__What you are asked to do__
Output each record below exactly as it stands, leaving out the pictures.
———
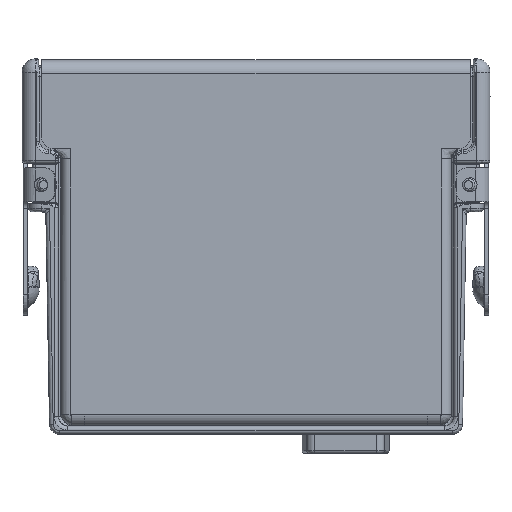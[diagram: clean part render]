
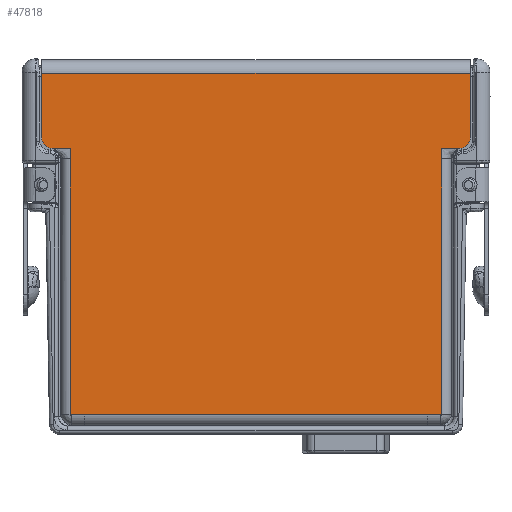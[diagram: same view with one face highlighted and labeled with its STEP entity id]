
A CAD part, left-side view. The second image highlights one B-rep face of the part: STEP entity #47818.
In plain terms, the highlighted planar face has unit normal (-1, 0, 0).
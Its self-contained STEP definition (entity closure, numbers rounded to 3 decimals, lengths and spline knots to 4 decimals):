
#17720=DIRECTION('',(0.,-1.,0.));
#17721=VECTOR('',#17720,2.543);
#17722=CARTESIAN_POINT('',(-0.4475,1.2715,0.146));
#17723=LINE('',#17722,#17721);
#17732=DIRECTION('',(0.,0.,-1.));
#17733=VECTOR('',#17732,0.476);
#17734=CARTESIAN_POINT('',(-0.4475,1.5895,2.676));
#17735=LINE('',#17734,#17733);
#17736=DIRECTION('',(0.,0.,1.));
#17737=VECTOR('',#17736,0.476);
#17738=CARTESIAN_POINT('',(-0.4475,-1.5895,2.2));
#17739=LINE('',#17738,#17737);
#17740=DIRECTION('',(0.,0.,1.));
#17741=VECTOR('',#17740,0.079);
#17742=CARTESIAN_POINT('',(-0.4475,-1.3765,2.041));
#17743=LINE('',#17742,#17741);
#17744=DIRECTION('',(0.,-1.,0.));
#17745=VECTOR('',#17744,0.105);
#17746=CARTESIAN_POINT('',(-0.4475,-1.2715,0.146));
#17747=LINE('',#17746,#17745);
#17748=DIRECTION('',(0.,-1.,0.));
#17749=VECTOR('',#17748,0.105);
#17750=CARTESIAN_POINT('',(-0.4475,1.3765,0.146));
#17751=LINE('',#17750,#17749);
#17752=DIRECTION('',(0.,0.,1.));
#17753=VECTOR('',#17752,0.079);
#17754=CARTESIAN_POINT('',(-0.4475,1.3765,2.041));
#17755=LINE('',#17754,#17753);
#17769=CARTESIAN_POINT('',(-0.4475,1.5095,2.2));
#17770=DIRECTION('',(-1.,0.,0.));
#17771=DIRECTION('',(0.,1.,0.));
#17772=AXIS2_PLACEMENT_3D('',#17769,#17770,#17771);
#17774=DIRECTION('',(0.,-1.,0.));
#17775=VECTOR('',#17774,0.133);
#17776=CARTESIAN_POINT('',(-0.4475,1.5095,2.12));
#17777=LINE('',#17776,#17775);
#17794=DIRECTION('',(0.,0.,1.));
#17795=VECTOR('',#17794,1.895);
#17796=CARTESIAN_POINT('',(-0.4475,1.3765,0.146));
#17797=LINE('',#17796,#17795);
#18249=DIRECTION('',(0.,0.,1.));
#18250=VECTOR('',#18249,1.895);
#18251=CARTESIAN_POINT('',(-0.4475,-1.3765,0.146));
#18252=LINE('',#18251,#18250);
#18284=DIRECTION('',(0.,-1.,0.));
#18285=VECTOR('',#18284,0.133);
#18286=CARTESIAN_POINT('',(-0.4475,-1.3765,2.12));
#18287=LINE('',#18286,#18285);
#18301=CARTESIAN_POINT('',(-0.4475,-1.5095,2.2));
#18302=DIRECTION('',(-1.,0.,0.));
#18303=DIRECTION('',(0.,0.,-1.));
#18304=AXIS2_PLACEMENT_3D('',#18301,#18302,#18303);
#18323=DIRECTION('',(0.,-1.,0.));
#18324=VECTOR('',#18323,3.179);
#18325=CARTESIAN_POINT('',(-0.4475,1.5895,2.676));
#18326=LINE('',#18325,#18324);
#24201=CARTESIAN_POINT('',(-0.4475,-1.5895,2.676));
#24202=VERTEX_POINT('',#24201);
#24203=CARTESIAN_POINT('',(-0.4475,1.5895,2.676));
#24204=VERTEX_POINT('',#24203);
#24233=CARTESIAN_POINT('',(-0.4475,1.2715,0.146));
#24234=CARTESIAN_POINT('',(-0.4475,-1.2715,0.146));
#24235=VERTEX_POINT('',#24233);
#24236=VERTEX_POINT('',#24234);
#24245=CARTESIAN_POINT('',(-0.4475,-1.3765,0.146));
#24246=VERTEX_POINT('',#24245);
#24257=CARTESIAN_POINT('',(-0.4475,1.3765,0.146));
#24258=VERTEX_POINT('',#24257);
#24306=CARTESIAN_POINT('',(-0.4475,1.5095,2.12));
#24308=VERTEX_POINT('',#24306);
#24311=CARTESIAN_POINT('',(-0.4475,1.5895,2.2));
#24312=VERTEX_POINT('',#24311);
#24314=CARTESIAN_POINT('',(-0.4475,-1.5895,2.2));
#24316=VERTEX_POINT('',#24314);
#24319=CARTESIAN_POINT('',(-0.4475,-1.5095,2.12));
#24320=VERTEX_POINT('',#24319);
#24333=CARTESIAN_POINT('',(-0.4475,-1.3765,2.041));
#24334=VERTEX_POINT('',#24333);
#24337=CARTESIAN_POINT('',(-0.4475,-1.3765,2.12));
#24338=VERTEX_POINT('',#24337);
#24345=CARTESIAN_POINT('',(-0.4475,1.3765,2.041));
#24346=CARTESIAN_POINT('',(-0.4475,1.3765,2.12));
#24347=VERTEX_POINT('',#24345);
#24348=VERTEX_POINT('',#24346);
#47785=CARTESIAN_POINT('',(-0.4475,0.,1.421));
#47786=DIRECTION('',(-1.,0.,0.));
#47787=DIRECTION('',(0.,1.,0.));
#47788=AXIS2_PLACEMENT_3D('',#47785,#47786,#47787);
#47789=PLANE('',#47788);
#47791=ORIENTED_EDGE('',*,*,#47790,.F.);
#47793=ORIENTED_EDGE('',*,*,#47792,.F.);
#47795=ORIENTED_EDGE('',*,*,#47794,.T.);
#47797=ORIENTED_EDGE('',*,*,#47796,.F.);
#47799=ORIENTED_EDGE('',*,*,#47798,.F.);
#47801=ORIENTED_EDGE('',*,*,#47800,.F.);
#47803=ORIENTED_EDGE('',*,*,#47802,.F.);
#47805=ORIENTED_EDGE('',*,*,#47804,.F.);
#47806=ORIENTED_EDGE('',*,*,#47775,.F.);
#47807=ORIENTED_EDGE('',*,*,#47751,.F.);
#47809=ORIENTED_EDGE('',*,*,#47808,.F.);
#47811=ORIENTED_EDGE('',*,*,#47810,.T.);
#47813=ORIENTED_EDGE('',*,*,#47812,.T.);
#47815=ORIENTED_EDGE('',*,*,#47814,.F.);
#47816=EDGE_LOOP('',(#47791,#47793,#47795,#47797,#47799,#47801,#47803,#47805,
#47806,#47807,#47809,#47811,#47813,#47815));
#47817=FACE_OUTER_BOUND('',#47816,.F.);
#47818=ADVANCED_FACE('',(#47817),#47789,.T.);
#17773=CIRCLE('',#17772,0.08);
#18305=CIRCLE('',#18304,0.08);
#47751=EDGE_CURVE('',#24235,#24236,#17723,.T.);
#47775=EDGE_CURVE('',#24236,#24246,#17747,.T.);
#47790=EDGE_CURVE('',#24312,#24308,#17773,.T.);
#47792=EDGE_CURVE('',#24204,#24312,#17735,.T.);
#47794=EDGE_CURVE('',#24204,#24202,#18326,.T.);
#47796=EDGE_CURVE('',#24316,#24202,#17739,.T.);
#47798=EDGE_CURVE('',#24320,#24316,#18305,.T.);
#47800=EDGE_CURVE('',#24338,#24320,#18287,.T.);
#47802=EDGE_CURVE('',#24334,#24338,#17743,.T.);
#47804=EDGE_CURVE('',#24246,#24334,#18252,.T.);
#47808=EDGE_CURVE('',#24258,#24235,#17751,.T.);
#47810=EDGE_CURVE('',#24258,#24347,#17797,.T.);
#47812=EDGE_CURVE('',#24347,#24348,#17755,.T.);
#47814=EDGE_CURVE('',#24308,#24348,#17777,.T.);
———
__Output of the task__
[diagram: clean part render]
[diagram: same view with one face highlighted and labeled with its STEP entity id]
A CAD part, left-side view. The second image highlights one B-rep face of the part: STEP entity #47818.
In plain terms, the highlighted planar face has unit normal (-1, 0, 0).
Its self-contained STEP definition (entity closure, numbers rounded to 3 decimals, lengths and spline knots to 4 decimals):
#17720=DIRECTION('',(0.,-1.,0.));
#17721=VECTOR('',#17720,2.543);
#17722=CARTESIAN_POINT('',(-0.4475,1.2715,0.146));
#17723=LINE('',#17722,#17721);
#17732=DIRECTION('',(0.,0.,-1.));
#17733=VECTOR('',#17732,0.476);
#17734=CARTESIAN_POINT('',(-0.4475,1.5895,2.676));
#17735=LINE('',#17734,#17733);
#17736=DIRECTION('',(0.,0.,1.));
#17737=VECTOR('',#17736,0.476);
#17738=CARTESIAN_POINT('',(-0.4475,-1.5895,2.2));
#17739=LINE('',#17738,#17737);
#17740=DIRECTION('',(0.,0.,1.));
#17741=VECTOR('',#17740,0.079);
#17742=CARTESIAN_POINT('',(-0.4475,-1.3765,2.041));
#17743=LINE('',#17742,#17741);
#17744=DIRECTION('',(0.,-1.,0.));
#17745=VECTOR('',#17744,0.105);
#17746=CARTESIAN_POINT('',(-0.4475,-1.2715,0.146));
#17747=LINE('',#17746,#17745);
#17748=DIRECTION('',(0.,-1.,0.));
#17749=VECTOR('',#17748,0.105);
#17750=CARTESIAN_POINT('',(-0.4475,1.3765,0.146));
#17751=LINE('',#17750,#17749);
#17752=DIRECTION('',(0.,0.,1.));
#17753=VECTOR('',#17752,0.079);
#17754=CARTESIAN_POINT('',(-0.4475,1.3765,2.041));
#17755=LINE('',#17754,#17753);
#17769=CARTESIAN_POINT('',(-0.4475,1.5095,2.2));
#17770=DIRECTION('',(-1.,0.,0.));
#17771=DIRECTION('',(0.,1.,0.));
#17772=AXIS2_PLACEMENT_3D('',#17769,#17770,#17771);
#17774=DIRECTION('',(0.,-1.,0.));
#17775=VECTOR('',#17774,0.133);
#17776=CARTESIAN_POINT('',(-0.4475,1.5095,2.12));
#17777=LINE('',#17776,#17775);
#17794=DIRECTION('',(0.,0.,1.));
#17795=VECTOR('',#17794,1.895);
#17796=CARTESIAN_POINT('',(-0.4475,1.3765,0.146));
#17797=LINE('',#17796,#17795);
#18249=DIRECTION('',(0.,0.,1.));
#18250=VECTOR('',#18249,1.895);
#18251=CARTESIAN_POINT('',(-0.4475,-1.3765,0.146));
#18252=LINE('',#18251,#18250);
#18284=DIRECTION('',(0.,-1.,0.));
#18285=VECTOR('',#18284,0.133);
#18286=CARTESIAN_POINT('',(-0.4475,-1.3765,2.12));
#18287=LINE('',#18286,#18285);
#18301=CARTESIAN_POINT('',(-0.4475,-1.5095,2.2));
#18302=DIRECTION('',(-1.,0.,0.));
#18303=DIRECTION('',(0.,0.,-1.));
#18304=AXIS2_PLACEMENT_3D('',#18301,#18302,#18303);
#18323=DIRECTION('',(0.,-1.,0.));
#18324=VECTOR('',#18323,3.179);
#18325=CARTESIAN_POINT('',(-0.4475,1.5895,2.676));
#18326=LINE('',#18325,#18324);
#24201=CARTESIAN_POINT('',(-0.4475,-1.5895,2.676));
#24202=VERTEX_POINT('',#24201);
#24203=CARTESIAN_POINT('',(-0.4475,1.5895,2.676));
#24204=VERTEX_POINT('',#24203);
#24233=CARTESIAN_POINT('',(-0.4475,1.2715,0.146));
#24234=CARTESIAN_POINT('',(-0.4475,-1.2715,0.146));
#24235=VERTEX_POINT('',#24233);
#24236=VERTEX_POINT('',#24234);
#24245=CARTESIAN_POINT('',(-0.4475,-1.3765,0.146));
#24246=VERTEX_POINT('',#24245);
#24257=CARTESIAN_POINT('',(-0.4475,1.3765,0.146));
#24258=VERTEX_POINT('',#24257);
#24306=CARTESIAN_POINT('',(-0.4475,1.5095,2.12));
#24308=VERTEX_POINT('',#24306);
#24311=CARTESIAN_POINT('',(-0.4475,1.5895,2.2));
#24312=VERTEX_POINT('',#24311);
#24314=CARTESIAN_POINT('',(-0.4475,-1.5895,2.2));
#24316=VERTEX_POINT('',#24314);
#24319=CARTESIAN_POINT('',(-0.4475,-1.5095,2.12));
#24320=VERTEX_POINT('',#24319);
#24333=CARTESIAN_POINT('',(-0.4475,-1.3765,2.041));
#24334=VERTEX_POINT('',#24333);
#24337=CARTESIAN_POINT('',(-0.4475,-1.3765,2.12));
#24338=VERTEX_POINT('',#24337);
#24345=CARTESIAN_POINT('',(-0.4475,1.3765,2.041));
#24346=CARTESIAN_POINT('',(-0.4475,1.3765,2.12));
#24347=VERTEX_POINT('',#24345);
#24348=VERTEX_POINT('',#24346);
#47785=CARTESIAN_POINT('',(-0.4475,0.,1.421));
#47786=DIRECTION('',(-1.,0.,0.));
#47787=DIRECTION('',(0.,1.,0.));
#47788=AXIS2_PLACEMENT_3D('',#47785,#47786,#47787);
#47789=PLANE('',#47788);
#47791=ORIENTED_EDGE('',*,*,#47790,.F.);
#47793=ORIENTED_EDGE('',*,*,#47792,.F.);
#47795=ORIENTED_EDGE('',*,*,#47794,.T.);
#47797=ORIENTED_EDGE('',*,*,#47796,.F.);
#47799=ORIENTED_EDGE('',*,*,#47798,.F.);
#47801=ORIENTED_EDGE('',*,*,#47800,.F.);
#47803=ORIENTED_EDGE('',*,*,#47802,.F.);
#47805=ORIENTED_EDGE('',*,*,#47804,.F.);
#47806=ORIENTED_EDGE('',*,*,#47775,.F.);
#47807=ORIENTED_EDGE('',*,*,#47751,.F.);
#47809=ORIENTED_EDGE('',*,*,#47808,.F.);
#47811=ORIENTED_EDGE('',*,*,#47810,.T.);
#47813=ORIENTED_EDGE('',*,*,#47812,.T.);
#47815=ORIENTED_EDGE('',*,*,#47814,.F.);
#47816=EDGE_LOOP('',(#47791,#47793,#47795,#47797,#47799,#47801,#47803,#47805,
#47806,#47807,#47809,#47811,#47813,#47815));
#47817=FACE_OUTER_BOUND('',#47816,.F.);
#47818=ADVANCED_FACE('',(#47817),#47789,.T.);
#17773=CIRCLE('',#17772,0.08);
#18305=CIRCLE('',#18304,0.08);
#47751=EDGE_CURVE('',#24235,#24236,#17723,.T.);
#47775=EDGE_CURVE('',#24236,#24246,#17747,.T.);
#47790=EDGE_CURVE('',#24312,#24308,#17773,.T.);
#47792=EDGE_CURVE('',#24204,#24312,#17735,.T.);
#47794=EDGE_CURVE('',#24204,#24202,#18326,.T.);
#47796=EDGE_CURVE('',#24316,#24202,#17739,.T.);
#47798=EDGE_CURVE('',#24320,#24316,#18305,.T.);
#47800=EDGE_CURVE('',#24338,#24320,#18287,.T.);
#47802=EDGE_CURVE('',#24334,#24338,#17743,.T.);
#47804=EDGE_CURVE('',#24246,#24334,#18252,.T.);
#47808=EDGE_CURVE('',#24258,#24235,#17751,.T.);
#47810=EDGE_CURVE('',#24258,#24347,#17797,.T.);
#47812=EDGE_CURVE('',#24347,#24348,#17755,.T.);
#47814=EDGE_CURVE('',#24308,#24348,#17777,.T.);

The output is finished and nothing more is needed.